> _Prompt_:
Check every line below for the word "IfcCylindricalSurface" and show those that hold it.

> _Data for review_:

::::

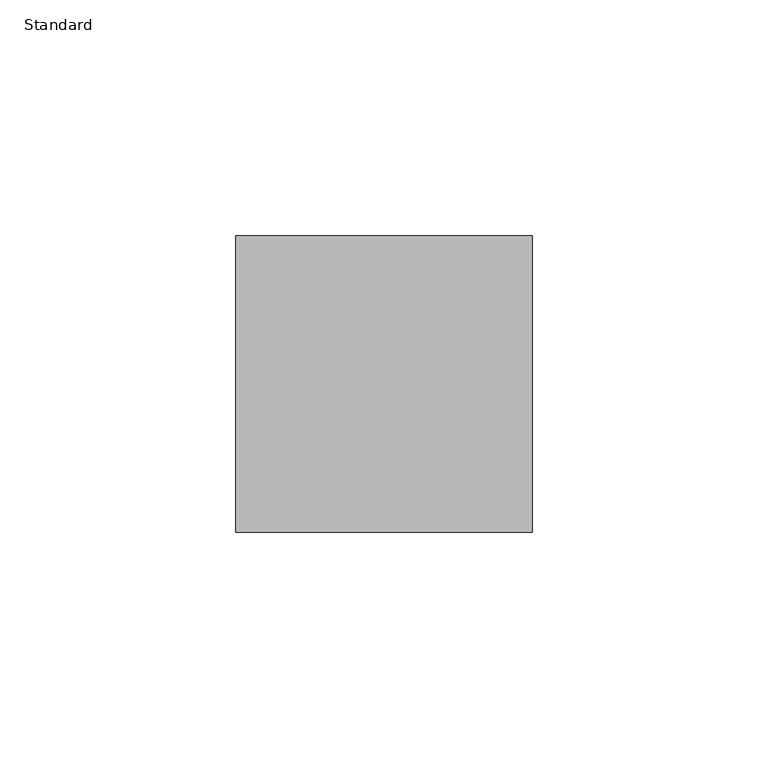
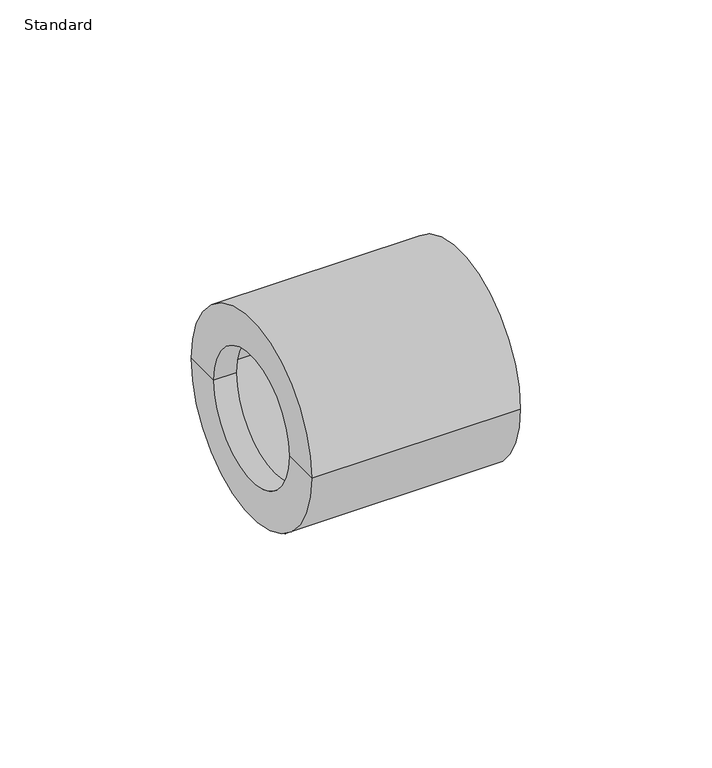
"""IFC4 building model written with IfcOpenShell, lengths in millimetres: pipe fitting geometry, Durapipe_PipeFitting_PVC_ReducingBush : Standard."""

import ifcopenshell
import ifcopenshell.guid

model = None  # the IFC model being written
_history = None  # IfcOwnerHistory: only IFC2X3 demands one
_inside = {}  # id of a spatial element -> (the spatial element, [elements in it])
_under = {}  # id of a project, library or spatial element -> (it, [spatial elements below it])
_declared = {}  # id of a project -> (the project, [libraries it declares])
_typed = {}  # id of a type object -> (the type object, [elements of that type])
_made_of = {}  # id of a material, layer set ... -> (it, [elements and type objects made of it])


def new_model(schema):
    """Start an empty IFC model of exactly this schema.

    Asked for "IFC4X3", IfcOpenShell would pick the latest addendum, in which some entities
    have other attributes; the version numbers below select the first issue.
    IFC2X3 requires an IfcOwnerHistory on every rooted entity: one is made here for all.
    """
    global model, _history
    if schema == "IFC4X3":
        model = ifcopenshell.file(schema_version=(4, 3, 0, 0))
    else:
        model = ifcopenshell.file(schema=schema)
    _inside.clear()
    _under.clear()
    _declared.clear()
    _typed.clear()
    _made_of.clear()
    _history = None
    if model.schema == "IFC2X3":
        org = make("IfcOrganization", Name="unknown")
        user = make(
            "IfcPersonAndOrganization",
            ThePerson=make("IfcPerson", FamilyName="unknown"),
            TheOrganization=org,
        )
        app = make(
            "IfcApplication",
            ApplicationDeveloper=org,
            Version="unknown",
            ApplicationFullName="unknown",
            ApplicationIdentifier="unknown",
        )
        _history = make(
            "IfcOwnerHistory",
            OwningUser=user,
            OwningApplication=app,
            ChangeAction="ADDED",
            CreationDate=0,
        )
    return model


def make(cls, **values):
    """One entity of the class cls with the attributes given. An attribute that is None is left unset."""
    return model.create_entity(
        cls, **{name: value for name, value in values.items() if value is not None}
    )


def rooted(cls, **values):
    """An entity with a GlobalId (a new one), such as an element, a storey or a relation."""
    return make(cls, GlobalId=ifcopenshell.guid.new(), OwnerHistory=_history, **values)


def si_unit(unit_type, name, prefix=None):
    """IfcSIUnit, for example si_unit("LENGTHUNIT", "METRE", prefix="MILLI")."""
    return make("IfcSIUnit", UnitType=unit_type, Prefix=prefix, Name=name)


def assignment(units):
    """IfcUnitAssignment: the units of a project."""
    return None if units is None else make("IfcUnitAssignment", Units=units)


def point(xyz):
    """IfcCartesianPoint."""
    return None if xyz is None else make("IfcCartesianPoint", Coordinates=xyz)


def direction(xyz):
    """IfcDirection."""
    return None if xyz is None else make("IfcDirection", DirectionRatios=xyz)


def frame(location, z_axis=None, x_axis=None):
    """IfcAxis2Placement3D, a coordinate frame: its origin and axes. An axis left out is left unset."""
    return make(
        "IfcAxis2Placement3D",
        Location=point(location),
        Axis=direction(z_axis),
        RefDirection=direction(x_axis),
    )


def origin():
    """The frame at (0, 0, 0) with its axes left unset."""
    return frame((0.0, 0.0, 0.0))


def place(relative_to, where):
    """IfcLocalPlacement: puts the frame where relative to a parent placement (None: the world)."""
    return make(
        "IfcLocalPlacement", PlacementRelTo=relative_to, RelativePlacement=where
    )


def context(
    kind, dimensions, precision=None, world=None, true_north=None, identifier=None
):
    """IfcGeometricRepresentationContext, for example the 3D "Model" context."""
    return make(
        "IfcGeometricRepresentationContext",
        ContextIdentifier=identifier,
        ContextType=kind,
        CoordinateSpaceDimension=dimensions,
        Precision=precision,
        WorldCoordinateSystem=world,
        TrueNorth=true_north,
    )


def project(units=None, contexts=None):
    """IfcProject with its units and contexts."""
    return rooted(
        "IfcProject",
        Name="project",
        RepresentationContexts=contexts,
        UnitsInContext=assignment(units),
    )


def spatial(cls, under=None, at=None, **own):
    """A site, building, storey or space (cls), placed at a placement, below another one or the project."""
    s = rooted(cls, ObjectPlacement=at, **own)
    if under is not None:
        _under.setdefault(under.id(), (under, []))[1].append(s)
    return s


def polyline(points):
    """IfcPolyline through the points."""
    return make("IfcPolyline", Points=[point(p) for p in points])


def circle_curve(where, radius):
    """IfcCircle in the frame where."""
    return make("IfcCircle", Position=where, Radius=radius)


def shape(context_of_items, identifier, shape_type, items):
    """IfcShapeRepresentation: the items that make up one representation, for example the "Body"."""
    return make(
        "IfcShapeRepresentation",
        ContextOfItems=context_of_items,
        RepresentationIdentifier=identifier,
        RepresentationType=shape_type,
        Items=items,
    )


def source(mapping_origin, context_of_items, identifier, shape_type, items):
    """IfcRepresentationMap: a shape defined once, which mapped items show again and again."""
    return make(
        "IfcRepresentationMap",
        MappingOrigin=mapping_origin,
        MappedRepresentation=shape(context_of_items, identifier, shape_type, items),
    )


def transform(
    local_origin,
    x_axis=None,
    y_axis=None,
    z_axis=None,
    scale=None,
    scale2=None,
    scale3=None,
    uniform=True,
):
    """IfcCartesianTransformationOperator3D, or its non-uniform kind. x_axis, y_axis, z_axis: its Axis1, 2, 3."""
    if uniform:
        return make(
            "IfcCartesianTransformationOperator3D",
            Axis1=direction(x_axis),
            Axis2=direction(y_axis),
            LocalOrigin=point(local_origin),
            Scale=scale,
            Axis3=direction(z_axis),
        )
    return make(
        "IfcCartesianTransformationOperator3DnonUniform",
        Axis1=direction(x_axis),
        Axis2=direction(y_axis),
        LocalOrigin=point(local_origin),
        Scale=scale,
        Axis3=direction(z_axis),
        Scale2=scale2,
        Scale3=scale3,
    )


def mapped(mapping_source, mapping_target):
    """IfcMappedItem: shows the shape of a source again, moved by a transform."""
    return make(
        "IfcMappedItem", MappingSource=mapping_source, MappingTarget=mapping_target
    )


def made_of(thing, what):
    """Note that an element or type object is made of a material, layer set ...; save() writes the relation."""
    if what is not None:
        _made_of.setdefault(what.id(), (what, []))[1].append(thing)
    return thing


def element(
    cls,
    number,
    at=None,
    inside=None,
    cuts=None,
    type_object=None,
    material=None,
    context=None,
    identifier="Body",
    shape_type=None,
    held_by="IfcProductDefinitionShape",
    body=None,
    shapes=None,
    **own,
):
    """One element of the class cls, such as IfcWall. Its Tag is "e" and its number.

    at: its placement. inside: the storey or other place that contains it. cuts: it is an
    opening in that element (IfcRelVoidsElement). A single representation is given by context,
    identifier, shape_type and body (its items); several are given by shapes. held_by: the class
    of the entity that holds the representations. save() writes the other relations.
    """
    e = rooted(cls, Tag="e%d" % number, ObjectPlacement=at, **own)
    if body is not None:
        shapes = [shape(context, identifier, shape_type, body)]
    if shapes is not None:
        e.Representation = make(held_by, Representations=shapes)
    if inside is not None:
        _inside.setdefault(inside.id(), (inside, []))[1].append(e)
    if cuts is not None:
        rooted(
            "IfcRelVoidsElement", RelatingBuildingElement=cuts, RelatedOpeningElement=e
        )
    if type_object is not None:
        _typed.setdefault(type_object.id(), (type_object, []))[1].append(e)
    return made_of(e, material)


def aggregate(whole, parts):
    """IfcRelAggregates: a whole, such as a stair, and the parts it consists of."""
    return rooted("IfcRelAggregates", RelatingObject=whole, RelatedObjects=parts)


def save(model, path):
    """Write the relations noted so far, then the file.

    IfcRelAggregates (storeys below a building ...), IfcRelContainedInSpatialStructure (elements
    in a storey), IfcRelDefinesByType, IfcRelAssociatesMaterial and IfcRelDeclares: one each for
    every whole, place, type object, material and project.
    """
    for whole, parts in _under.values():
        aggregate(whole, parts)
    for where, things in _inside.values():
        rooted(
            "IfcRelContainedInSpatialStructure",
            RelatedElements=things,
            RelatingStructure=where,
        )
    for kind, things in _typed.values():
        rooted("IfcRelDefinesByType", RelatedObjects=things, RelatingType=kind)
    for what, things in _made_of.values():
        rooted("IfcRelAssociatesMaterial", RelatedObjects=things, RelatingMaterial=what)
    for by, libraries in _declared.values():
        rooted("IfcRelDeclares", RelatingContext=by, RelatedDefinitions=libraries)
    model.write(path)


def plane_surface(at):
    """IfcPlane: the flat surface through the origin of the frame at, square to its z axis."""
    return make("IfcPlane", Position=at)


def cylinder_surface(at, radius):
    """IfcCylindricalSurface: all points at the distance radius from the z axis of the frame at."""
    return make("IfcCylindricalSurface", Position=at, Radius=radius)


def revolved_surface(curve, axis_point, axis_direction):
    """IfcSurfaceOfRevolution: the curve turned about the line through axis_point along axis_direction."""
    return make(
        "IfcSurfaceOfRevolution",
        SweptCurve=make("IfcArbitraryOpenProfileDef", ProfileType="CURVE", Curve=curve),
        AxisPosition=make("IfcAxis1Placement", Location=point(axis_point), Axis=direction(axis_direction)),
    )


def advanced_brep(points, edges, surfaces, faces):
    """IfcAdvancedBrep: a solid bounded by faces that lie on surfaces and meet in shared edges.

    An edge is (start, end): straight between two places in points (the first is 0);
    or (start, end, curve); or (start, end, curve, False) where it runs against its curve.
    A face is (place in surfaces, loops), or (place, loops, False) where it looks against
    its surface's normal. A loop lists edges by number (the first is 1), with a minus sign
    where the edge is run from its end to its start. The first loop is the outer one.
    """
    corners = [point(p) for p in points]
    vertices = [make("IfcVertexPoint", VertexGeometry=c) for c in corners]
    made = []
    for start, end, *more in edges:
        made.append(
            make(
                "IfcEdgeCurve",
                EdgeStart=vertices[start],
                EdgeEnd=vertices[end],
                EdgeGeometry=more[0] if more else make("IfcPolyline", Points=[corners[start], corners[end]]),
                SameSense=more[1] if len(more) > 1 else True,
            )
        )
    hull = []
    for where, loops, *sense in faces:
        bounds = []
        for j, loop in enumerate(loops):
            ring = [make("IfcOrientedEdge", EdgeElement=made[abs(k) - 1], Orientation=k > 0) for k in loop]
            bounds.append(
                make(
                    "IfcFaceOuterBound" if j == 0 else "IfcFaceBound",
                    Bound=make("IfcEdgeLoop", EdgeList=ring),
                    Orientation=True,
                )
            )
        hull.append(make("IfcAdvancedFace", Bounds=bounds, FaceSurface=surfaces[where], SameSense=sense[0] if sense else True))
    return make("IfcAdvancedBrep", Outer=make("IfcClosedShell", CfsFaces=hull))


def standard_609f0164(model_context):
    return source(origin(), model_context, "Body", "AdvancedBrep", [
        advanced_brep(
        [(-7.0, -20.0, 0.0), (-7.0, 20.0, 0.0), (-7.0, 31.5, 0.0), (-7.0, -31.5, 0.0), (0.0, -20.0, 0.0), (0.0, 20.0, 0.0), (0.0, -25.0, 0.0), (0.0, 25.0, 0.0), (56.0, -25.0, 0.0), (56.0, 25.0, 0.0), (56.0, -31.5, 0.0), (56.0, 31.5, 0.0)],
        [
            (0, 1, circle_curve(frame((-7.0, 0.0, 0.0), z_axis=(1.0, 0.0, 0.0), x_axis=(0.0, 1.0, 0.0)), 20.0)),
            (1, 2),
            (2, 3, circle_curve(frame((-7.0, 0.0, 0.0), z_axis=(-1.0, 0.0, 0.0), x_axis=(0.0, 1.0, 0.0)), 31.5)),
            (3, 0),
            (1, 0, circle_curve(frame((-7.0, 0.0, 0.0), z_axis=(1.0, 0.0, 0.0), x_axis=(0.0, 1.0, 0.0)), 20.0)),
            (3, 2, circle_curve(frame((-7.0, 0.0, 0.0), z_axis=(-1.0, 0.0, 0.0), x_axis=(0.0, 1.0, 0.0)), 31.5)),
            (4, 5, circle_curve(frame((0.0, 0.0, 0.0), z_axis=(1.0, 0.0, 0.0), x_axis=(0.0, 1.0, 0.0)), 20.0)),
            (5, 1),
            (0, 4),
            (5, 4, circle_curve(frame((0.0, 0.0, 0.0), z_axis=(1.0, 0.0, 0.0), x_axis=(0.0, 1.0, 0.0)), 20.0)),
            (6, 7, circle_curve(frame((0.0, 0.0, 0.0), z_axis=(1.0, 0.0, 0.0), x_axis=(0.0, 1.0, 0.0)), 25.0)),
            (7, 5),
            (4, 6),
            (7, 6, circle_curve(frame((0.0, 0.0, 0.0), z_axis=(1.0, 0.0, 0.0), x_axis=(0.0, 1.0, 0.0)), 25.0)),
            (8, 9, circle_curve(frame((56.0, 0.0, 0.0), z_axis=(1.0, 0.0, 0.0), x_axis=(0.0, 1.0, 0.0)), 25.0)),
            (9, 7),
            (6, 8),
            (9, 8, circle_curve(frame((56.0, 0.0, 0.0), z_axis=(1.0, 0.0, 0.0), x_axis=(0.0, 1.0, 0.0)), 25.0)),
            (10, 11, circle_curve(frame((56.0, 0.0, 0.0), z_axis=(1.0, 0.0, 0.0), x_axis=(0.0, 1.0, 0.0)), 31.5)),
            (11, 9),
            (8, 10),
            (11, 10, circle_curve(frame((56.0, 0.0, 0.0), z_axis=(1.0, 0.0, 0.0), x_axis=(0.0, 1.0, 0.0)), 31.5)),
            (2, 11),
            (10, 3),
        ],
        [
            plane_surface(frame((-7.0, 0.0, 0.0), z_axis=(-1.0, 0.0, 0.0), x_axis=(0.0, 1.0, 0.0))),
            revolved_surface(polyline([(-7.0, 20.0, 0.0), (0.0, 20.0, 0.0)]), (2042.0, 0.0, 0.0), (-1.0, 0.0, 0.0)),
            plane_surface(frame((0.0, 0.0, 0.0), z_axis=(1.0, 0.0, 0.0), x_axis=(0.0, 1.0, 0.0))),
            revolved_surface(polyline([(0.0, 25.0, 0.0), (56.0, 25.0, 0.0)]), (2042.0, 0.0, 0.0), (-1.0, 0.0, 0.0)),
            plane_surface(frame((56.0, 0.0, 0.0), z_axis=(1.0, 0.0, 0.0), x_axis=(0.0, 1.0, 0.0))),
            cylinder_surface(frame((2042.0, 0.0, 0.0), z_axis=(-1.0, 0.0, 0.0), x_axis=(0.0, 1.0, 0.0)), 31.5),
        ],
        [
            (0, [[1, 2, 3, 4]]),
            (0, [[5, -4, 6, -2]]),
            (1, [[7, 8, -1, 9]]),
            (1, [[10, -9, -5, -8]]),
            (2, [[11, 12, -7, 13]]),
            (2, [[14, -13, -10, -12]]),
            (3, [[15, 16, -11, 17]]),
            (3, [[18, -17, -14, -16]]),
            (4, [[19, 20, -15, 21]]),
            (4, [[22, -21, -18, -20]]),
            (5, [[-3, 23, -19, 24]]),
            (5, [[-6, -24, -22, -23]]),
        ],
    ),
    ])


if __name__ == "__main__":
    model = new_model("IFC4")
    model_context = context("Model", 3, world=origin())
    ifc_project = project(units=[si_unit("LENGTHUNIT", "METRE", prefix="MILLI")], contexts=[model_context])
    site = spatial("IfcSite", under=ifc_project)
    building = spatial("IfcBuilding", under=site)
    placement = place(None, origin())
    standard_shape = standard_609f0164(model_context)
    element("IfcPipeFitting", 1, ObjectType="Durapipe_PipeFitting_PVC_ReducingBush : Standard", at=placement, inside=building, context=model_context, shape_type="MappedRepresentation", body=[
        mapped(standard_shape, transform((0.0, 0.0, 0.0), x_axis=(1.0, 0.0, 0.0), y_axis=(0.0, 1.0, 0.0), z_axis=(0.0, 0.0, 1.0))),
    ])
    save(model, "model.ifc")

::::

> _Reply_:
    """IfcCylindricalSurface: all points at the distance radius from the z axis of the frame at."""
    return make("IfcCylindricalSurface", Position=at, Radius=radius)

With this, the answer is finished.